I feel that's more a description of a search engine. Doesn't really give an intuition of why LLMs can do the things they do (beyond retrieval), or where/why they'll fail.

ACCount37 · 2025-12-08T10:16:12 1765188972

If you want actionable intuition, try "a human with almost zero self-awareness".

"Self-awareness" used in a purely mechanical sense here: having actionable information about itself and its own capabilities.

If you ask an old LLM whether it's able to count the Rs in "strawberry" successfully, it'll say "yes". And then you ask it to do so, and it'll say "2 Rs". It doesn't have the self-awareness to know the practical limits of its knowledge and capabilities. If it did, it would be able to work around the tokenizer and count the Rs successfully.

That's a major pattern in LLM behavior.
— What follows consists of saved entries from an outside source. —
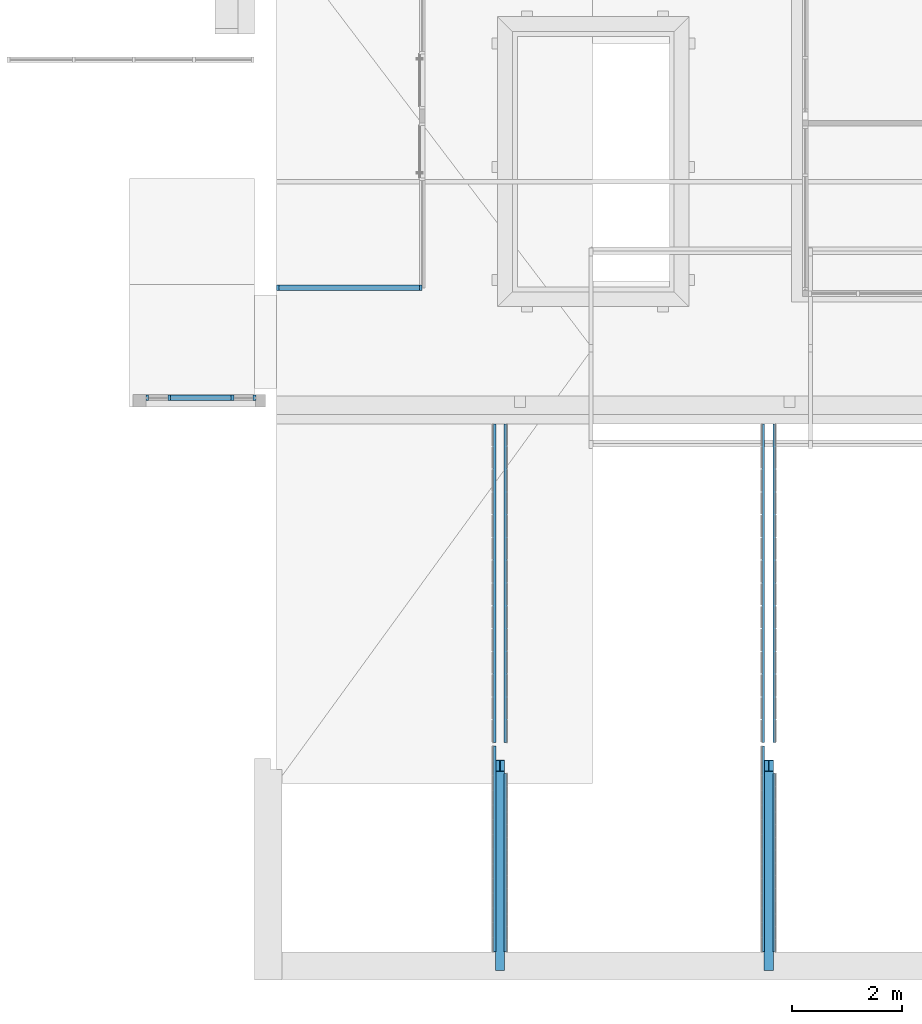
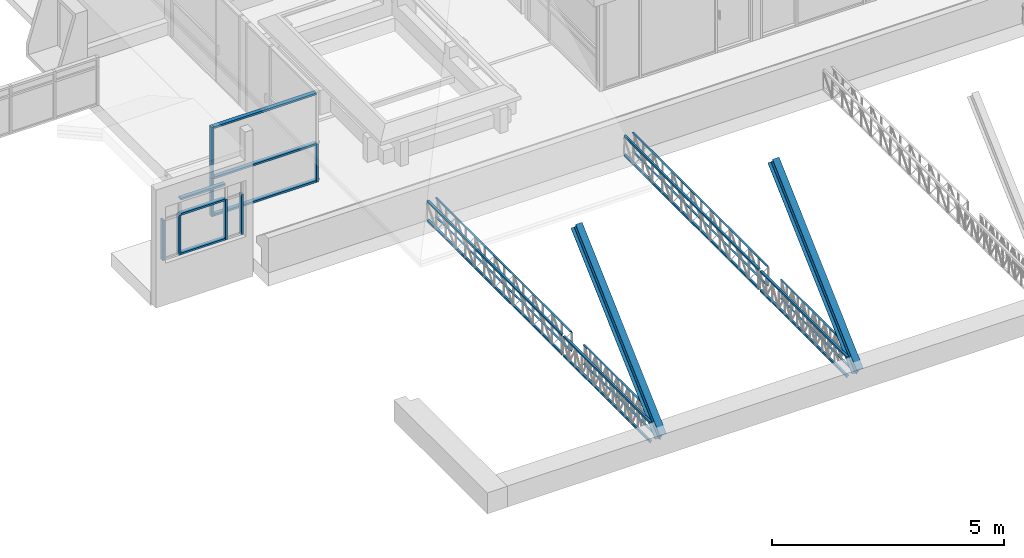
# One storey, part 2 of 153: 18 beams, 13 members, 10 elements without a shape of their own.
"""IFC4 building model written with IfcOpenShell, lengths in metres."""

from ifc_helpers import new_model, entity, si_unit, converted_unit, derived_unit, direction, frame, origin, place, context, subcontext, project, spatial, line, arc, indexed_curve, outline, extrude, source, transform, mapped, material, type_object, type_shapes, element, aggregate, save


model = new_model("IFC4")

# Units and contexts
model_context = context("Model", 3, precision=1e-05, world=origin(), true_north=direction((6.123031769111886e-17, 1.0)))
body_context = subcontext(model_context, "Body", "Model", "MODEL_VIEW")
ifc_project = project(units=[si_unit("LENGTHUNIT", "METRE"), si_unit("AREAUNIT", "SQUARE_METRE"), si_unit("VOLUMEUNIT", "CUBIC_METRE"), converted_unit("PLANEANGLEUNIT", "DEGREE", entity("IfcRatioMeasure", 0.017453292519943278), si_unit("PLANEANGLEUNIT", "RADIAN"), dimensions=[0, 0, 0, 0, 0, 0, 0]), si_unit("MASSUNIT", "GRAM", prefix="KILO"), derived_unit("MASSDENSITYUNIT", [(si_unit("MASSUNIT", "GRAM", prefix="KILO"), 1), (si_unit("LENGTHUNIT", "METRE"), -3)]), derived_unit("MOMENTOFINERTIAUNIT", [(si_unit("LENGTHUNIT", "METRE"), 4)]), si_unit("TIMEUNIT", "SECOND"), si_unit("FREQUENCYUNIT", "HERTZ"), si_unit("THERMODYNAMICTEMPERATUREUNIT", "DEGREE_CELSIUS"), derived_unit("THERMALTRANSMITTANCEUNIT", [(si_unit("MASSUNIT", "GRAM", prefix="KILO"), 1), (si_unit("THERMODYNAMICTEMPERATUREUNIT", "KELVIN"), -1), (si_unit("TIMEUNIT", "SECOND"), -3)]), derived_unit("VOLUMETRICFLOWRATEUNIT", [(si_unit("LENGTHUNIT", "METRE"), 3), (si_unit("TIMEUNIT", "SECOND"), -1)]), derived_unit("MASSFLOWRATEUNIT", [(si_unit("MASSUNIT", "GRAM", prefix="KILO"), 1), (si_unit("TIMEUNIT", "SECOND"), -1)]), derived_unit("ROTATIONALFREQUENCYUNIT", [(si_unit("TIMEUNIT", "SECOND"), -1)]), si_unit("ELECTRICCURRENTUNIT", "AMPERE"), si_unit("ELECTRICVOLTAGEUNIT", "VOLT"), si_unit("POWERUNIT", "WATT"), si_unit("FORCEUNIT", "NEWTON", prefix="KILO"), si_unit("ILLUMINANCEUNIT", "LUX"), si_unit("LUMINOUSFLUXUNIT", "LUMEN"), si_unit("LUMINOUSINTENSITYUNIT", "CANDELA"), derived_unit("USERDEFINED", [(si_unit("MASSUNIT", "GRAM", prefix="KILO"), -1), (si_unit("LENGTHUNIT", "METRE"), -2), (si_unit("TIMEUNIT", "SECOND"), 3), (si_unit("LUMINOUSFLUXUNIT", "LUMEN"), 1)]), derived_unit("SOUNDPOWERUNIT", [(si_unit("MASSUNIT", "GRAM", prefix="KILO"), 1), (si_unit("LENGTHUNIT", "METRE"), 2), (si_unit("TIMEUNIT", "SECOND"), -3)]), derived_unit("SOUNDPRESSUREUNIT", [(si_unit("MASSUNIT", "GRAM", prefix="KILO"), 1), (si_unit("LENGTHUNIT", "METRE"), -1), (si_unit("TIMEUNIT", "SECOND"), -2)]), derived_unit("LINEARVELOCITYUNIT", [(si_unit("LENGTHUNIT", "METRE"), 1), (si_unit("TIMEUNIT", "SECOND"), -1)]), si_unit("PRESSUREUNIT", "PASCAL"), derived_unit("USERDEFINED", [(si_unit("LENGTHUNIT", "METRE"), -2), (si_unit("MASSUNIT", "GRAM", prefix="KILO"), 1), (si_unit("TIMEUNIT", "SECOND"), -2)]), derived_unit("LINEARFORCEUNIT", [(si_unit("MASSUNIT", "GRAM", prefix="KILO"), 1), (si_unit("LENGTHUNIT", "METRE"), 1), (si_unit("TIMEUNIT", "SECOND"), -2), (si_unit("LENGTHUNIT", "METRE"), -1)]), derived_unit("PLANARFORCEUNIT", [(si_unit("MASSUNIT", "GRAM", prefix="KILO"), 1), (si_unit("LENGTHUNIT", "METRE"), 1), (si_unit("TIMEUNIT", "SECOND"), -2), (si_unit("LENGTHUNIT", "METRE"), -2)])], contexts=[model_context])

# Site, building, storey
site_placement = place(None, origin())
site = spatial("IfcSite", under=ifc_project, at=site_placement, Name="Superficie", CompositionType="ELEMENT")
building_placement = place(site_placement, origin())
building = spatial("IfcBuilding", under=site, at=building_placement, CompositionType="ELEMENT")
storey_placement = place(building_placement, frame((0.0, 0.0, 3.5999999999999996)))
storey = spatial("IfcBuildingStorey", under=building, at=storey_placement, Name="Nivel 1", CompositionType="ELEMENT", Elevation=3.5999999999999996)

# Curtain wall, members
curtain_wall_type = type_object("IfcCurtainWallType", Name="Muro cortina:Muro cortina - simple", PredefinedType="NOTDEFINED")
curtain_wall_1_placement = place(storey_placement, frame((0.0, 0.0, -3.5999999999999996)))
curtain_wall_1 = element("IfcCurtainWall", 1, at=curtain_wall_1_placement, inside=storey, type_object=curtain_wall_type, Name="Muro cortina:Muro cortina - simple", ObjectType="Muro cortina:Muro cortina - simple", PredefinedType="NOTDEFINED")
ifc_material_1 = material(Name="<Unnamed>")
member_type_1 = type_object("IfcMemberType", Name="Montante rectangular:Montante rectangular - 5 x 10 cm", PredefinedType="MULLION", material=ifc_material_1)
shared_shape_1 = source(origin(), body_context, "Body", "SweptSolid", [
    extrude(outline(indexed_curve([(-0.05, -0.025), (0.05, -0.025), (0.05, 0.025), (-0.05, 0.025), (-0.05, -0.025)], self_intersect=False)), frame((0.0, 0.0, -1.0594802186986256), z_axis=(0.0, 0.0, 1.0), x_axis=(0.0, -1.0, 0.0)), (0.0, 0.0, 1.0), 1.0594802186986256),
])
type_shapes(member_type_1, [shared_shape_1])
member_1_placement = place(curtain_wall_1_placement, frame((-24.59320098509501, -2.8641707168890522, 4.494999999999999), z_axis=(0.0, 0.0, -1.0), x_axis=(1.0, 0.0, 0.0)))
member_1 = element("IfcMember", 2, at=member_1_placement, type_object=member_type_1, material=ifc_material_1, Name="Montante rectangular:Montante rectangular - 5 x 10 cm", ObjectType="Montante rectangular:Montante rectangular - 5 x 10 cm", PredefinedType="MULLION", context=body_context, shape_type="MappedRepresentation", body=[
    mapped(shared_shape_1, transform((0.0, 0.0, 0.0), scale=1.0)),
])
member_2_placement = place(curtain_wall_1_placement, frame((-23.443200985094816, -2.8641707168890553, 4.494999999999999), z_axis=(0.0, 0.0, -1.0), x_axis=(1.0, 0.0, 0.0)))
member_2 = element("IfcMember", 3, at=member_2_placement, type_object=member_type_1, material=ifc_material_1, Name="Montante rectangular:Montante rectangular - 5 x 10 cm", ObjectType="Montante rectangular:Montante rectangular - 5 x 10 cm", PredefinedType="MULLION", context=body_context, shape_type="MappedRepresentation", body=[
    mapped(shared_shape_1, transform((0.0, 0.0, 0.0), scale=1.0)),
])
member_3_placement = place(curtain_wall_1_placement, frame((-23.043200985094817, -2.864170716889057, 4.494999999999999), z_axis=(0.0, 0.0, -1.0), x_axis=(1.0, 0.0, 0.0)))
member_3 = element("IfcMember", 4, at=member_3_placement, type_object=member_type_1, material=ifc_material_1, Name="Montante rectangular:Montante rectangular - 5 x 10 cm", ObjectType="Montante rectangular:Montante rectangular - 5 x 10 cm", PredefinedType="MULLION", context=body_context, shape_type="MappedRepresentation", body=[
    mapped(shared_shape_1, transform((0.0, 0.0, 0.0), scale=1.0)),
])
member_4_placement = place(curtain_wall_1_placement, frame((-24.99320098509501, -2.8641707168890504, 4.494999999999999), z_axis=(0.0, 0.0, -1.0), x_axis=(1.0, 0.0, 0.0)))
member_4 = element("IfcMember", 5, at=member_4_placement, type_object=member_type_1, material=ifc_material_1, Name="Montante rectangular:Montante rectangular - 5 x 10 cm", ObjectType="Montante rectangular:Montante rectangular - 5 x 10 cm", PredefinedType="MULLION", context=body_context, shape_type="MappedRepresentation", body=[
    mapped(shared_shape_1, transform((0.0, 0.0, 0.0), scale=1.0)),
])
member_type_2 = type_object("IfcMemberType", Name="Montante rectangular:Montante rectangular - 5 x 10 cm", PredefinedType="MULLION", material=ifc_material_1)
shared_shape_2 = source(origin(), body_context, "Body", "SweptSolid", [
    extrude(outline(indexed_curve([(-0.05, -0.025), (0.05, -0.025), (0.05, 0.025), (-0.05, 0.025), (-0.05, -0.025)], self_intersect=False)), frame((0.0, 0.0, -1.100000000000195), z_axis=(0.0, 0.0, 1.0), x_axis=(0.0, -1.0, 0.0)), (0.0, 0.0, 1.0), 1.1000000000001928),
])
type_shapes(member_type_2, [shared_shape_2])
member_5_placement = place(curtain_wall_1_placement, frame((-23.468200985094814, -2.8641707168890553, 5.554480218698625), z_axis=(1.0, 0.0, 0.0), x_axis=(0.0, 0.0, 1.0)))
member_5 = element("IfcMember", 6, at=member_5_placement, type_object=member_type_2, material=ifc_material_1, Name="Montante rectangular:Montante rectangular - 5 x 10 cm", ObjectType="Montante rectangular:Montante rectangular - 5 x 10 cm", PredefinedType="MULLION", context=body_context, shape_type="MappedRepresentation", body=[
    mapped(shared_shape_2, transform((0.0, 0.0, 0.0), scale=1.0)),
])
member_6_placement = place(curtain_wall_1_placement, frame((-23.468200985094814, -2.8641707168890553, 4.52), z_axis=(1.0, 0.0, 0.0), x_axis=(0.0, 0.0, 1.0)))
member_6 = element("IfcMember", 7, at=member_6_placement, type_object=member_type_2, material=ifc_material_1, Name="Montante rectangular:Montante rectangular - 5 x 10 cm", ObjectType="Montante rectangular:Montante rectangular - 5 x 10 cm", PredefinedType="MULLION", context=body_context, shape_type="MappedRepresentation", body=[
    mapped(shared_shape_2, transform((0.0, 0.0, 0.0), scale=1.0)),
])
member_7_placement = place(curtain_wall_1_placement, frame((-23.468200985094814, -2.8641707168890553, 5.954480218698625), z_axis=(1.0, 0.0, 0.0), x_axis=(0.0, 0.0, 1.0)))
member_7 = element("IfcMember", 8, at=member_7_placement, type_object=member_type_2, material=ifc_material_1, Name="Montante rectangular:Montante rectangular - 5 x 10 cm", ObjectType="Montante rectangular:Montante rectangular - 5 x 10 cm", PredefinedType="MULLION", context=body_context, shape_type="MappedRepresentation", body=[
    mapped(shared_shape_2, transform((0.0, 0.0, 0.0), scale=1.0)),
])
aggregate(curtain_wall_1, [member_1, member_2, member_5, member_6, member_3, member_4, member_7])

curtain_wall_2_placement = place(storey_placement, frame((0.0, 0.0, -3.5999999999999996)))
curtain_wall_2 = element("IfcCurtainWall", 9, at=curtain_wall_2_placement, inside=storey, type_object=curtain_wall_type, Name="Muro cortina:Muro cortina - simple", ObjectType="Muro cortina:Muro cortina - simple", PredefinedType="NOTDEFINED")
member_type_3 = type_object("IfcMemberType", Name="Montante rectangular:Montante rectangular - 5 x 10 cm", PredefinedType="MULLION", material=ifc_material_1)
shared_shape_3 = source(origin(), body_context, "Body", "SweptSolid", [
    extrude(outline(indexed_curve([(-0.05, -0.025), (0.05, -0.025), (0.05, 0.025), (-0.05, 0.025), (-0.05, -0.025)], self_intersect=False)), frame((-0.025, 0.0, -1.3499999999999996), z_axis=(0.0, 0.0, 1.0), x_axis=(0.0, -1.0, 0.0)), (0.0, 0.0, 1.0), 1.3499999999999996),
])
type_shapes(member_type_3, [shared_shape_3])
member_8_placement = place(curtain_wall_2_placement, frame((-22.643200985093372, -0.8590623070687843, 5.949999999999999), z_axis=(0.0, 0.0, 1.0), x_axis=(-1.0, 0.0, 0.0)))
member_8 = element("IfcMember", 10, at=member_8_placement, type_object=member_type_3, material=ifc_material_1, Name="Montante rectangular:Montante rectangular - 5 x 10 cm", ObjectType="Montante rectangular:Montante rectangular - 5 x 10 cm", PredefinedType="MULLION", context=body_context, shape_type="MappedRepresentation", body=[
    mapped(shared_shape_3, transform((0.0, 0.0, 0.0), scale=1.0)),
])
member_type_4 = type_object("IfcMemberType", Name="Montante rectangular:Montante rectangular - 5 x 10 cm", PredefinedType="MULLION", material=ifc_material_1)
shared_shape_4 = source(origin(), body_context, "Body", "SweptSolid", [
    extrude(outline(indexed_curve([(-0.05, -0.025), (0.05, -0.025), (0.05, 0.025), (-0.05, 0.025), (-0.05, -0.025)], self_intersect=False)), frame((-0.025, 0.0, -1.0), z_axis=(0.0, 0.0, 1.0), x_axis=(0.0, -1.0, 0.0)), (0.0, 0.0, 1.0), 1.0000000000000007),
])
type_shapes(member_type_4, [shared_shape_4])
member_9_placement = place(curtain_wall_2_placement, frame((-22.643200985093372, -0.8590623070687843, 4.6), z_axis=(0.0, 0.0, 1.0), x_axis=(-1.0, 0.0, 0.0)))
member_9 = element("IfcMember", 11, at=member_9_placement, type_object=member_type_4, material=ifc_material_1, Name="Montante rectangular:Montante rectangular - 5 x 10 cm", ObjectType="Montante rectangular:Montante rectangular - 5 x 10 cm", PredefinedType="MULLION", context=body_context, shape_type="MappedRepresentation", body=[
    mapped(shared_shape_4, transform((0.0, 0.0, 0.0), scale=1.0)),
])
member_type_5 = type_object("IfcMemberType", Name="Montante rectangular:Montante rectangular - 5 x 10 cm", PredefinedType="MULLION", material=ifc_material_1)
shared_shape_5 = source(origin(), body_context, "Body", "SweptSolid", [
    extrude(outline(indexed_curve([(-0.05, -0.025), (0.05, -0.025), (0.05, 0.025), (-0.05, 0.025), (-0.05, -0.025)], self_intersect=False)), frame((-0.025, 0.0, -2.5500000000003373), z_axis=(0.0, 0.0, 1.0), x_axis=(0.0, -1.0, 0.0)), (0.0, 0.0, 1.0), 2.5500000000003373),
])
type_shapes(member_type_5, [shared_shape_5])
member_10_placement = place(curtain_wall_2_placement, frame((-20.043200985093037, -0.8590623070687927, 5.949999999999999), z_axis=(1.0, 0.0, 0.0), x_axis=(0.0, 0.0, 1.0)))
member_10 = element("IfcMember", 12, at=member_10_placement, type_object=member_type_5, material=ifc_material_1, Name="Montante rectangular:Montante rectangular - 5 x 10 cm", ObjectType="Montante rectangular:Montante rectangular - 5 x 10 cm", PredefinedType="MULLION", context=body_context, shape_type="MappedRepresentation", body=[
    mapped(shared_shape_5, transform((0.0, 0.0, 0.0), scale=1.0)),
])
member_type_6 = type_object("IfcMemberType", Name="Montante rectangular:Montante rectangular - 5 x 10 cm", PredefinedType="MULLION", material=ifc_material_1)
shared_shape_6 = source(origin(), body_context, "Body", "SweptSolid", [
    extrude(outline(indexed_curve([(-0.05, -0.025), (0.05, -0.025), (0.05, 0.025), (-0.05, 0.025), (-0.05, -0.025)], self_intersect=False)), frame((-0.025, 0.0, -2.5500000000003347), z_axis=(0.0, 0.0, 1.0), x_axis=(0.0, -1.0, 0.0)), (0.0, 0.0, 1.0), 2.550000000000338),
])
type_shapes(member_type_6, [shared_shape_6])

They have a lot of capabilities and knowledge, but not nearly enough knowledge of how reliable those capabilities are, or meta-knowledge that tells them where the limits of their knowledge lie. So, unreliable reasoning, hallucinations and more.

Ukv · 2025-12-08T14:57:50 1765205870

Agree that's a better intuition, with pretraining pushing the model towards saying "I don't know" in the kinds of situations where people write that as opposed to by introspection of its own confidence.

ACCount37 · 2025-12-08T18:45:32 1765219532

There appears to be a degree of "introspection of its own confidence" in modern LLMs. They can identify their own hallucinations, at a rate significantly better than chance. So there must be some sort of "do I recall this?" mechanism built into them. Even if it's not exactly a reliable mechanism.

Anthropic has discovered that this is definitely the case for name recognition, and I suspect that names aren't the only things subject to a process like that.